Location information is pivotal for the automation and intelligence of terminal devices and edge-cloud IoT systems, such as autonomous vehicles and augmented reality. However, achieving reliable positioning across diverse IoT applications remains challenging due to significant training costs and the necessity of densely collected data. To tackle these issues, we have innovatively applied the selective state space (SSM) model to visual localization, introducing a new model named MambaLoc. The proposed model demonstrates exceptional training efficiency by capitalizing on the SSM model's strengths in efficient feature extraction, rapid computation, and memory optimization, and it further ensures robustness in sparse data environments due to its parameter sparsity. Additionally, we propose the Global Information Selector (GIS), which leverages selective SSM to implicitly achieve the efficient global feature extraction capabilities of Non-local Neural Networks. This design leverages the computational efficiency of the SSM model alongside the Non-local Neural Networks' capacity to capture long-range dependencies with minimal layers. Consequently, the GIS enables effective global information capture while significantly accelerating convergence. Our extensive experimental validation using public indoor and outdoor datasets first demonstrates our model's effectiveness, followed by evidence of its versatility with various existing localization models. Our code and models are publicly available to support further research and development in this area.

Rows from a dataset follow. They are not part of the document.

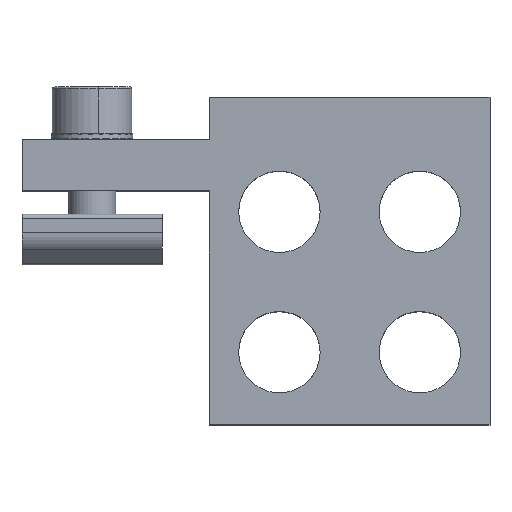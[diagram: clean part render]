
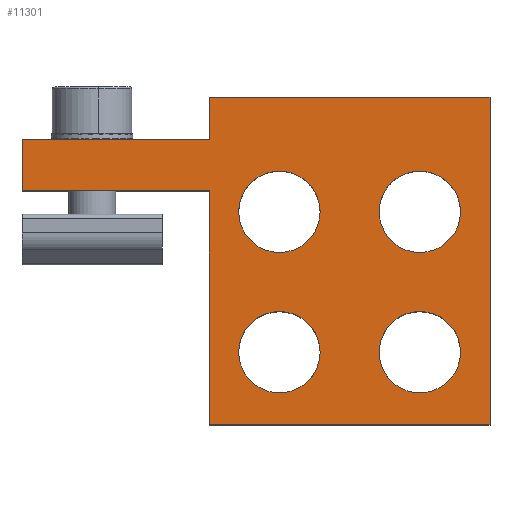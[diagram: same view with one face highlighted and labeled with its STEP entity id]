
A CAD part, top view. The second image highlights one B-rep face of the part: STEP entity #11301.
In plain terms, the highlighted planar face has unit normal (0, 0, 1).
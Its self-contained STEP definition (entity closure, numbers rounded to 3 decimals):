
#134 = CARTESIAN_POINT ( 'NONE',  ( -122.174, 7.97, 54.527 ) ) ;
#207 = FACE_BOUND ( 'NONE', #5509, .T. ) ;
#210 = AXIS2_PLACEMENT_3D ( 'NONE', #11751, #13752, #2068 ) ;
#212 = AXIS2_PLACEMENT_3D ( 'NONE', #3007, #5074, #2964 ) ;
#328 = EDGE_CURVE ( 'NONE', #13907, #859, #9540, .T. ) ;
#366 = ORIENTED_EDGE ( 'NONE', *, *, #11359, .T. ) ;
#859 = VERTEX_POINT ( 'NONE', #6932 ) ;
#898 = VERTEX_POINT ( 'NONE', #5910 ) ;
#912 = DIRECTION ( 'NONE',  ( 0., -1., 0. ) ) ;
#1255 = CARTESIAN_POINT ( 'NONE',  ( -99.674, 30.72, 54.527 ) ) ;
#1290 = EDGE_CURVE ( 'NONE', #12442, #4028, #12128, .T. ) ;
#1441 = ORIENTED_EDGE ( 'NONE', *, *, #4340, .F. ) ;
#1484 = DIRECTION ( 'NONE',  ( 0., 0., -1. ) ) ;
#1581 = AXIS2_PLACEMENT_3D ( 'NONE', #2614, #6012, #8123 ) ;
#1671 = EDGE_CURVE ( 'NONE', #859, #13907, #13091, .T. ) ;
#1685 = EDGE_CURVE ( 'NONE', #3381, #12442, #7378, .T. ) ;
#1709 = VERTEX_POINT ( 'NONE', #10033 ) ;
#1713 = CARTESIAN_POINT ( 'NONE',  ( -92.174, 25.47, 54.527 ) ) ;
#2068 = DIRECTION ( 'NONE',  ( 0., -1., 0. ) ) ;
#2482 = CARTESIAN_POINT ( 'NONE',  ( -117.174, 38.47, 54.527 ) ) ;
#2496 = DIRECTION ( 'NONE',  ( 0., -1., 0. ) ) ;
#2532 = CIRCLE ( 'NONE', #212, 4.35 ) ;
#2611 = CARTESIAN_POINT ( 'NONE',  ( -92.174, 42.97, 54.527 ) ) ;
#2614 = CARTESIAN_POINT ( 'NONE',  ( -99.674, 15.72, 54.527 ) ) ;
#2956 = EDGE_CURVE ( 'NONE', #6591, #10465, #2532, .T. ) ;
#2964 = DIRECTION ( 'NONE',  ( 0., -1., 0. ) ) ;
#3007 = CARTESIAN_POINT ( 'NONE',  ( -99.674, 15.72, 54.527 ) ) ;
#3073 = CARTESIAN_POINT ( 'NONE',  ( -122.174, 38.47, 54.527 ) ) ;
#3354 = VERTEX_POINT ( 'NONE', #3073 ) ;
#3381 = VERTEX_POINT ( 'NONE', #7369 ) ;
#3397 = FACE_BOUND ( 'NONE', #13721, .T. ) ;
#3504 = DIRECTION ( 'NONE',  ( -1., 0., 0. ) ) ;
#3583 = CARTESIAN_POINT ( 'NONE',  ( -114.674, 11.37, 54.527 ) ) ;
#3593 = DIRECTION ( 'NONE',  ( 1., 0., 0. ) ) ;
#3657 = CARTESIAN_POINT ( 'NONE',  ( -99.674, 35.07, 54.527 ) ) ;
#3665 = VERTEX_POINT ( 'NONE', #5774 ) ;
#3704 = DIRECTION ( 'NONE',  ( 0., 0., -1. ) ) ;
#3728 = DIRECTION ( 'NONE',  ( 0., 0., -1. ) ) ;
#3748 = LINE ( 'NONE', #11709, #13724 ) ;
#3763 = VECTOR ( 'NONE', #3504, 1000. ) ;
#3900 = CARTESIAN_POINT ( 'NONE',  ( -114.674, 15.72, 54.527 ) ) ;
#4028 = VERTEX_POINT ( 'NONE', #4633 ) ;
#4078 = AXIS2_PLACEMENT_3D ( 'NONE', #10541, #9499, #8378 ) ;
#4340 = EDGE_CURVE ( 'NONE', #3665, #898, #7211, .T. ) ;
#4472 = CARTESIAN_POINT ( 'NONE',  ( -99.674, 11.37, 54.527 ) ) ;
#4601 = DIRECTION ( 'NONE',  ( -1., 0., 0. ) ) ;
#4633 = CARTESIAN_POINT ( 'NONE',  ( -92.174, 7.97, 54.527 ) ) ;
#4963 = FACE_OUTER_BOUND ( 'NONE', #8060, .T. ) ;
#4977 = CARTESIAN_POINT ( 'NONE',  ( -99.674, 20.07, 54.527 ) ) ;
#5046 = CARTESIAN_POINT ( 'NONE',  ( -122.174, 42.97, 54.527 ) ) ;
#5074 = DIRECTION ( 'NONE',  ( 0., 0., -1. ) ) ;
#5236 = EDGE_CURVE ( 'NONE', #3354, #1709, #11897, .T. ) ;
#5257 = PLANE ( 'NONE',  #4078 ) ;
#5418 = EDGE_CURVE ( 'NONE', #10190, #3381, #6971, .T. ) ;
#5446 = ORIENTED_EDGE ( 'NONE', *, *, #2956, .T. ) ;
#5509 = EDGE_LOOP ( 'NONE', ( #8446, #5446 ) ) ;
#5770 = VECTOR ( 'NONE', #10368, 1000. ) ;
#5774 = CARTESIAN_POINT ( 'NONE',  ( -114.674, 26.37, 54.527 ) ) ;
#5817 = ORIENTED_EDGE ( 'NONE', *, *, #6789, .T. ) ;
#5910 = CARTESIAN_POINT ( 'NONE',  ( -114.674, 35.07, 54.527 ) ) ;
#6012 = DIRECTION ( 'NONE',  ( 0., 0., -1. ) ) ;
#6125 = LINE ( 'NONE', #1713, #5770 ) ;
#6138 = ORIENTED_EDGE ( 'NONE', *, *, #328, .T. ) ;
#6348 = ORIENTED_EDGE ( 'NONE', *, *, #11882, .T. ) ;
#6443 = ORIENTED_EDGE ( 'NONE', *, *, #6929, .T. ) ;
#6476 = AXIS2_PLACEMENT_3D ( 'NONE', #3900, #1484, #9398 ) ;
#6591 = VERTEX_POINT ( 'NONE', #4977 ) ;
#6629 = CARTESIAN_POINT ( 'NONE',  ( -114.674, 30.72, 54.527 ) ) ;
#6789 = EDGE_CURVE ( 'NONE', #13616, #11564, #9125, .T. ) ;
#6929 = EDGE_CURVE ( 'NONE', #11564, #13616, #7751, .T. ) ;
#6930 = CARTESIAN_POINT ( 'NONE',  ( -114.674, 15.72, 54.527 ) ) ;
#6932 = CARTESIAN_POINT ( 'NONE',  ( -99.674, 26.37, 54.527 ) ) ;
#6951 = DIRECTION ( 'NONE',  ( 0., -1., 0. ) ) ;
#6962 = CARTESIAN_POINT ( 'NONE',  ( -117.174, 32.97, 54.527 ) ) ;
#6971 = LINE ( 'NONE', #6962, #12708 ) ;
#7211 = CIRCLE ( 'NONE', #11132, 4.35 ) ;
#7266 = CARTESIAN_POINT ( 'NONE',  ( -142.174, 32.97, 54.527 ) ) ;
#7369 = CARTESIAN_POINT ( 'NONE',  ( -122.174, 32.97, 54.527 ) ) ;
#7378 = LINE ( 'NONE', #12166, #9737 ) ;
#7676 = AXIS2_PLACEMENT_3D ( 'NONE', #1255, #13215, #2496 ) ;
#7751 = CIRCLE ( 'NONE', #6476, 4.35 ) ;
#7812 = DIRECTION ( 'NONE',  ( 0., -1., 0. ) ) ;
#8060 = EDGE_LOOP ( 'NONE', ( #11616, #12195, #366, #12169, #6348, #8075, #13073, #10047 ) ) ;
#8075 = ORIENTED_EDGE ( 'NONE', *, *, #5418, .T. ) ;
#8094 = CARTESIAN_POINT ( 'NONE',  ( -117.174, 7.97, 54.527 ) ) ;
#8123 = DIRECTION ( 'NONE',  ( 0., -1., 0. ) ) ;
#8228 = VERTEX_POINT ( 'NONE', #5046 ) ;
#8231 = DIRECTION ( 'NONE',  ( 1., 0., 0. ) ) ;
#8263 = AXIS2_PLACEMENT_3D ( 'NONE', #6930, #3704, #13474 ) ;
#8378 = DIRECTION ( 'NONE',  ( 1., 0., 0. ) ) ;
#8380 = ORIENTED_EDGE ( 'NONE', *, *, #1671, .T. ) ;
#8446 = ORIENTED_EDGE ( 'NONE', *, *, #13492, .T. ) ;
#8644 = AXIS2_PLACEMENT_3D ( 'NONE', #10209, #3728, #6951 ) ;
#8782 = LINE ( 'NONE', #13700, #12826 ) ;
#8808 = DIRECTION ( 'NONE',  ( 0., 0., 1. ) ) ;
#8852 = VERTEX_POINT ( 'NONE', #2611 ) ;
#8944 = ORIENTED_EDGE ( 'NONE', *, *, #13208, .F. ) ;
#9125 = CIRCLE ( 'NONE', #8263, 4.35 ) ;
#9169 = EDGE_CURVE ( 'NONE', #8852, #8228, #11077, .T. ) ;
#9398 = DIRECTION ( 'NONE',  ( 0., -1., 0. ) ) ;
#9441 = DIRECTION ( 'NONE',  ( 0., -1., 0. ) ) ;
#9499 = DIRECTION ( 'NONE',  ( 0., 0., 1. ) ) ;
#9540 = CIRCLE ( 'NONE', #8644, 4.35 ) ;
#9651 = FACE_BOUND ( 'NONE', #12204, .T. ) ;
#9709 = CIRCLE ( 'NONE', #1581, 4.35 ) ;
#9737 = VECTOR ( 'NONE', #7812, 1000. ) ;
#9999 = FACE_BOUND ( 'NONE', #12029, .T. ) ;
#10033 = CARTESIAN_POINT ( 'NONE',  ( -142.174, 38.47, 54.527 ) ) ;
#10047 = ORIENTED_EDGE ( 'NONE', *, *, #1290, .T. ) ;
#10190 = VERTEX_POINT ( 'NONE', #7266 ) ;
#10209 = CARTESIAN_POINT ( 'NONE',  ( -99.674, 30.72, 54.527 ) ) ;
#10368 = DIRECTION ( 'NONE',  ( 0., 1., 0. ) ) ;
#10465 = VERTEX_POINT ( 'NONE', #4472 ) ;
#10541 = CARTESIAN_POINT ( 'NONE',  ( -142.174, 7.97, 54.527 ) ) ;
#10960 = VECTOR ( 'NONE', #8231, 1000. ) ;
#11077 = LINE ( 'NONE', #13368, #11264 ) ;
#11132 = AXIS2_PLACEMENT_3D ( 'NONE', #6629, #8808, #12978 ) ;
#11264 = VECTOR ( 'NONE', #4601, 1000. ) ;
#11301 = ADVANCED_FACE ( 'NONE', ( #207, #9999, #9651, #3397, #4963 ), #5257, .T. ) ;
#11359 = EDGE_CURVE ( 'NONE', #8228, #3354, #3748, .T. ) ;
#11452 = CARTESIAN_POINT ( 'NONE',  ( -114.674, 20.07, 54.527 ) ) ;
#11458 = CIRCLE ( 'NONE', #210, 4.35 ) ;
#11564 = VERTEX_POINT ( 'NONE', #3583 ) ;
#11616 = ORIENTED_EDGE ( 'NONE', *, *, #11733, .T. ) ;
#11709 = CARTESIAN_POINT ( 'NONE',  ( -122.174, 25.47, 54.527 ) ) ;
#11733 = EDGE_CURVE ( 'NONE', #4028, #8852, #6125, .T. ) ;
#11751 = CARTESIAN_POINT ( 'NONE',  ( -114.674, 30.72, 54.527 ) ) ;
#11882 = EDGE_CURVE ( 'NONE', #1709, #10190, #8782, .T. ) ;
#11897 = LINE ( 'NONE', #2482, #3763 ) ;
#12029 = EDGE_LOOP ( 'NONE', ( #8380, #6138 ) ) ;
#12128 = LINE ( 'NONE', #8094, #10960 ) ;
#12166 = CARTESIAN_POINT ( 'NONE',  ( -122.174, 25.47, 54.527 ) ) ;
#12169 = ORIENTED_EDGE ( 'NONE', *, *, #5236, .T. ) ;
#12195 = ORIENTED_EDGE ( 'NONE', *, *, #9169, .T. ) ;
#12204 = EDGE_LOOP ( 'NONE', ( #6443, #5817 ) ) ;
#12442 = VERTEX_POINT ( 'NONE', #134 ) ;
#12708 = VECTOR ( 'NONE', #3593, 1000. ) ;
#12826 = VECTOR ( 'NONE', #9441, 1000. ) ;
#12978 = DIRECTION ( 'NONE',  ( 0., -1., 0. ) ) ;
#13073 = ORIENTED_EDGE ( 'NONE', *, *, #1685, .T. ) ;
#13091 = CIRCLE ( 'NONE', #7676, 4.35 ) ;
#13208 = EDGE_CURVE ( 'NONE', #898, #3665, #11458, .T. ) ;
#13215 = DIRECTION ( 'NONE',  ( 0., 0., -1. ) ) ;
#13368 = CARTESIAN_POINT ( 'NONE',  ( -117.174, 42.97, 54.527 ) ) ;
#13474 = DIRECTION ( 'NONE',  ( 0., -1., 0. ) ) ;
#13492 = EDGE_CURVE ( 'NONE', #10465, #6591, #9709, .T. ) ;
#13616 = VERTEX_POINT ( 'NONE', #11452 ) ;
#13700 = CARTESIAN_POINT ( 'NONE',  ( -142.174, 25.47, 54.527 ) ) ;
#13721 = EDGE_LOOP ( 'NONE', ( #1441, #8944 ) ) ;
#13724 = VECTOR ( 'NONE', #912, 1000. ) ;
#13752 = DIRECTION ( 'NONE',  ( 0., 0., 1. ) ) ;
#13907 = VERTEX_POINT ( 'NONE', #3657 ) ;
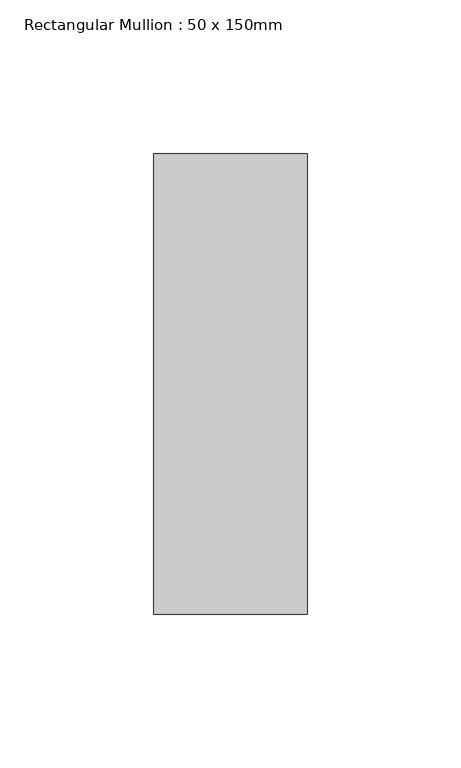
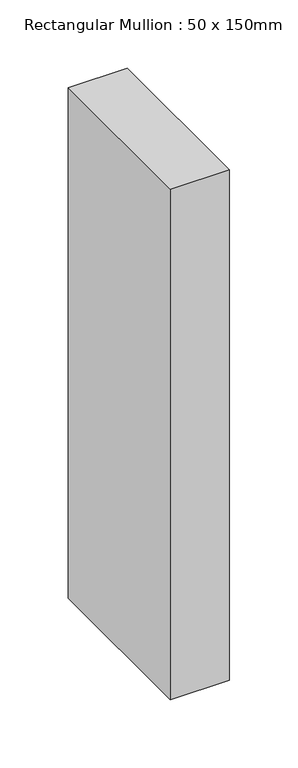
"""IFC4 building model written with IfcOpenShell, lengths in millimetres: member geometry, Rectangular Mullion : 50 x 150mm."""

import ifcopenshell
import ifcopenshell.guid

model = None  # the IFC model being written
_history = None  # IfcOwnerHistory: only IFC2X3 demands one
_inside = {}  # id of a spatial element -> (the spatial element, [elements in it])
_under = {}  # id of a project, library or spatial element -> (it, [spatial elements below it])
_declared = {}  # id of a project -> (the project, [libraries it declares])
_typed = {}  # id of a type object -> (the type object, [elements of that type])
_made_of = {}  # id of a material, layer set ... -> (it, [elements and type objects made of it])


def new_model(schema):
    """Start an empty IFC model of exactly this schema.

    Asked for "IFC4X3", IfcOpenShell would pick the latest addendum, in which some entities
    have other attributes; the version numbers below select the first issue.
    IFC2X3 requires an IfcOwnerHistory on every rooted entity: one is made here for all.
    """
    global model, _history
    if schema == "IFC4X3":
        model = ifcopenshell.file(schema_version=(4, 3, 0, 0))
    else:
        model = ifcopenshell.file(schema=schema)
    _inside.clear()
    _under.clear()
    _declared.clear()
    _typed.clear()
    _made_of.clear()
    _history = None
    if model.schema == "IFC2X3":
        org = make("IfcOrganization", Name="unknown")
        user = make(
            "IfcPersonAndOrganization",
            ThePerson=make("IfcPerson", FamilyName="unknown"),
            TheOrganization=org,
        )
        app = make(
            "IfcApplication",
            ApplicationDeveloper=org,
            Version="unknown",
            ApplicationFullName="unknown",
            ApplicationIdentifier="unknown",
        )
        _history = make(
            "IfcOwnerHistory",
            OwningUser=user,
            OwningApplication=app,
            ChangeAction="ADDED",
            CreationDate=0,
        )
    return model


def make(cls, **values):
    """One entity of the class cls with the attributes given. An attribute that is None is left unset."""
    return model.create_entity(
        cls, **{name: value for name, value in values.items() if value is not None}
    )


def rooted(cls, **values):
    """An entity with a GlobalId (a new one), such as an element, a storey or a relation."""
    return make(cls, GlobalId=ifcopenshell.guid.new(), OwnerHistory=_history, **values)


def si_unit(unit_type, name, prefix=None):
    """IfcSIUnit, for example si_unit("LENGTHUNIT", "METRE", prefix="MILLI")."""
    return make("IfcSIUnit", UnitType=unit_type, Prefix=prefix, Name=name)


def assignment(units):
    """IfcUnitAssignment: the units of a project."""
    return None if units is None else make("IfcUnitAssignment", Units=units)


def point(xyz):
    """IfcCartesianPoint."""
    return None if xyz is None else make("IfcCartesianPoint", Coordinates=xyz)


def direction(xyz):
    """IfcDirection."""
    return None if xyz is None else make("IfcDirection", DirectionRatios=xyz)


def frame(location, z_axis=None, x_axis=None):
    """IfcAxis2Placement3D, a coordinate frame: its origin and axes. An axis left out is left unset."""
    return make(
        "IfcAxis2Placement3D",
        Location=point(location),
        Axis=direction(z_axis),
        RefDirection=direction(x_axis),
    )


def origin():
    """The frame at (0, 0, 0) with its axes left unset."""
    return frame((0.0, 0.0, 0.0))


def place(relative_to, where):
    """IfcLocalPlacement: puts the frame where relative to a parent placement (None: the world)."""
    return make(
        "IfcLocalPlacement", PlacementRelTo=relative_to, RelativePlacement=where
    )


def context(
    kind, dimensions, precision=None, world=None, true_north=None, identifier=None
):
    """IfcGeometricRepresentationContext, for example the 3D "Model" context."""
    return make(
        "IfcGeometricRepresentationContext",
        ContextIdentifier=identifier,
        ContextType=kind,
        CoordinateSpaceDimension=dimensions,
        Precision=precision,
        WorldCoordinateSystem=world,
        TrueNorth=true_north,
    )


def project(units=None, contexts=None):
    """IfcProject with its units and contexts."""
    return rooted(
        "IfcProject",
        Name="project",
        RepresentationContexts=contexts,
        UnitsInContext=assignment(units),
    )


def spatial(cls, under=None, at=None, **own):
    """A site, building, storey or space (cls), placed at a placement, below another one or the project."""
    s = rooted(cls, ObjectPlacement=at, **own)
    if under is not None:
        _under.setdefault(under.id(), (under, []))[1].append(s)
    return s


def polyline(points):
    """IfcPolyline through the points."""
    return make("IfcPolyline", Points=[point(p) for p in points])


def outline(outer, holes=None, kind="AREA"):
    """IfcArbitraryClosedProfileDef: a profile drawn as a closed curve; with holes, ...WithVoids."""
    if holes is None:
        return make("IfcArbitraryClosedProfileDef", ProfileType=kind, OuterCurve=outer)
    return make(
        "IfcArbitraryProfileDefWithVoids",
        ProfileType=kind,
        OuterCurve=outer,
        InnerCurves=holes,
    )


def extrude(swept, where, along, depth):
    """IfcExtrudedAreaSolid: the profile swept, set in the frame where, extruded along a direction by depth."""
    return make(
        "IfcExtrudedAreaSolid",
        SweptArea=swept,
        Position=where,
        ExtrudedDirection=direction(along),
        Depth=depth,
    )


def shape(context_of_items, identifier, shape_type, items):
    """IfcShapeRepresentation: the items that make up one representation, for example the "Body"."""
    return make(
        "IfcShapeRepresentation",
        ContextOfItems=context_of_items,
        RepresentationIdentifier=identifier,
        RepresentationType=shape_type,
        Items=items,
    )


def source(mapping_origin, context_of_items, identifier, shape_type, items):
    """IfcRepresentationMap: a shape defined once, which mapped items show again and again."""
    return make(
        "IfcRepresentationMap",
        MappingOrigin=mapping_origin,
        MappedRepresentation=shape(context_of_items, identifier, shape_type, items),
    )


def transform(
    local_origin,
    x_axis=None,
    y_axis=None,
    z_axis=None,
    scale=None,
    scale2=None,
    scale3=None,
    uniform=True,
):
    """IfcCartesianTransformationOperator3D, or its non-uniform kind. x_axis, y_axis, z_axis: its Axis1, 2, 3."""
    if uniform:
        return make(
            "IfcCartesianTransformationOperator3D",
            Axis1=direction(x_axis),
            Axis2=direction(y_axis),
            LocalOrigin=point(local_origin),
            Scale=scale,
            Axis3=direction(z_axis),
        )
    return make(
        "IfcCartesianTransformationOperator3DnonUniform",
        Axis1=direction(x_axis),
        Axis2=direction(y_axis),
        LocalOrigin=point(local_origin),
        Scale=scale,
        Axis3=direction(z_axis),
        Scale2=scale2,
        Scale3=scale3,
    )


def mapped(mapping_source, mapping_target):
    """IfcMappedItem: shows the shape of a source again, moved by a transform."""
    return make(
        "IfcMappedItem", MappingSource=mapping_source, MappingTarget=mapping_target
    )


def made_of(thing, what):
    """Note that an element or type object is made of a material, layer set ...; save() writes the relation."""
    if what is not None:
        _made_of.setdefault(what.id(), (what, []))[1].append(thing)
    return thing


def element(
    cls,
    number,
    at=None,
    inside=None,
    cuts=None,
    type_object=None,
    material=None,
    context=None,
    identifier="Body",
    shape_type=None,
    held_by="IfcProductDefinitionShape",
    body=None,
    shapes=None,
    **own,
):
    """One element of the class cls, such as IfcWall. Its Tag is "e" and its number.

    at: its placement. inside: the storey or other place that contains it. cuts: it is an
    opening in that element (IfcRelVoidsElement). A single representation is given by context,
    identifier, shape_type and body (its items); several are given by shapes. held_by: the class
    of the entity that holds the representations. save() writes the other relations.
    """
    e = rooted(cls, Tag="e%d" % number, ObjectPlacement=at, **own)
    if body is not None:
        shapes = [shape(context, identifier, shape_type, body)]
    if shapes is not None:
        e.Representation = make(held_by, Representations=shapes)
    if inside is not None:
        _inside.setdefault(inside.id(), (inside, []))[1].append(e)
    if cuts is not None:
        rooted(
            "IfcRelVoidsElement", RelatingBuildingElement=cuts, RelatedOpeningElement=e
        )
    if type_object is not None:
        _typed.setdefault(type_object.id(), (type_object, []))[1].append(e)
    return made_of(e, material)


def aggregate(whole, parts):
    """IfcRelAggregates: a whole, such as a stair, and the parts it consists of."""
    return rooted("IfcRelAggregates", RelatingObject=whole, RelatedObjects=parts)


def save(model, path):
    """Write the relations noted so far, then the file.

    IfcRelAggregates (storeys below a building ...), IfcRelContainedInSpatialStructure (elements
    in a storey), IfcRelDefinesByType, IfcRelAssociatesMaterial and IfcRelDeclares: one each for
    every whole, place, type object, material and project.
    """
    for whole, parts in _under.values():
        aggregate(whole, parts)
    for where, things in _inside.values():
        rooted(
            "IfcRelContainedInSpatialStructure",
            RelatedElements=things,
            RelatingStructure=where,
        )
    for kind, things in _typed.values():
        rooted("IfcRelDefinesByType", RelatedObjects=things, RelatingType=kind)
    for what, things in _made_of.values():
        rooted("IfcRelAssociatesMaterial", RelatedObjects=things, RelatingMaterial=what)
    for by, libraries in _declared.values():
        rooted("IfcRelDeclares", RelatingContext=by, RelatedDefinitions=libraries)
    model.write(path)


def rectangular_mullion_50_x_150mm_686aa266(model_context):
    return source(origin(), model_context, "Body", "SweptSolid", [
        extrude(outline(polyline([(0.0, 75.0), (0.0, -75.0), (-50.0, -75.0), (-50.0, 75.0), (0.0, 75.0)])), frame((0.0, 0.0, -457.2), z_axis=(0.0, 0.0, 1.0), x_axis=(1.0, 0.0, 0.0)), (0.0, 0.0, 1.0), 457.2),
    ])


if __name__ == "__main__":
    model = new_model("IFC4")
    model_context = context("Model", 3, world=origin())
    ifc_project = project(units=[si_unit("LENGTHUNIT", "METRE", prefix="MILLI")], contexts=[model_context])
    site = spatial("IfcSite", under=ifc_project)
    building = spatial("IfcBuilding", under=site)
    placement = place(None, origin())
    rectangular_mullion_50_x_150mm_shape = rectangular_mullion_50_x_150mm_686aa266(model_context)
    element("IfcMember", 1, ObjectType="Rectangular Mullion : 50 x 150mm", at=placement, inside=building, context=model_context, shape_type="MappedRepresentation", body=[
        mapped(rectangular_mullion_50_x_150mm_shape, transform((0.0, 0.0, 0.0), x_axis=(1.0, 0.0, 0.0), y_axis=(0.0, 1.0, 0.0), z_axis=(0.0, 0.0, 1.0))),
    ])
    save(model, "model.ifc")

翻译：定位信息对于终端设备及边缘云物联网系统（如自动驾驶车辆和增强现实）的自动化与智能化至关重要。然而，由于高昂的训练成本及密集数据采集的必要性，在不同物联网应用中实现可靠定位仍具挑战。为解决这些问题，我们创新性地将选择性状态空间（SSM）模型应用于视觉定位，提出了名为MambaLoc的新模型。该模型充分利用SSM模型在高效特征提取、快速计算和内存优化方面的优势，展现出卓越的训练效率；同时因其参数稀疏性，进一步确保了在稀疏数据环境下的鲁棒性。此外，我们提出了全局信息选择器（GIS），该模块利用选择性SSM隐式实现了非局部神经网络的高效全局特征提取能力。此设计结合了SSM模型的计算效率与非局部神经网络以少量层捕获长程依赖的能力。因此，GIS在显著加速收敛的同时实现了有效的全局信息捕获。我们使用公开室内外数据集进行的广泛实验验证，首先证明了本模型的有效性，随后通过其与多种现有定位模型的兼容性证明了其通用性。我们的代码与模型已公开，以支持该领域的进一步研究与开发。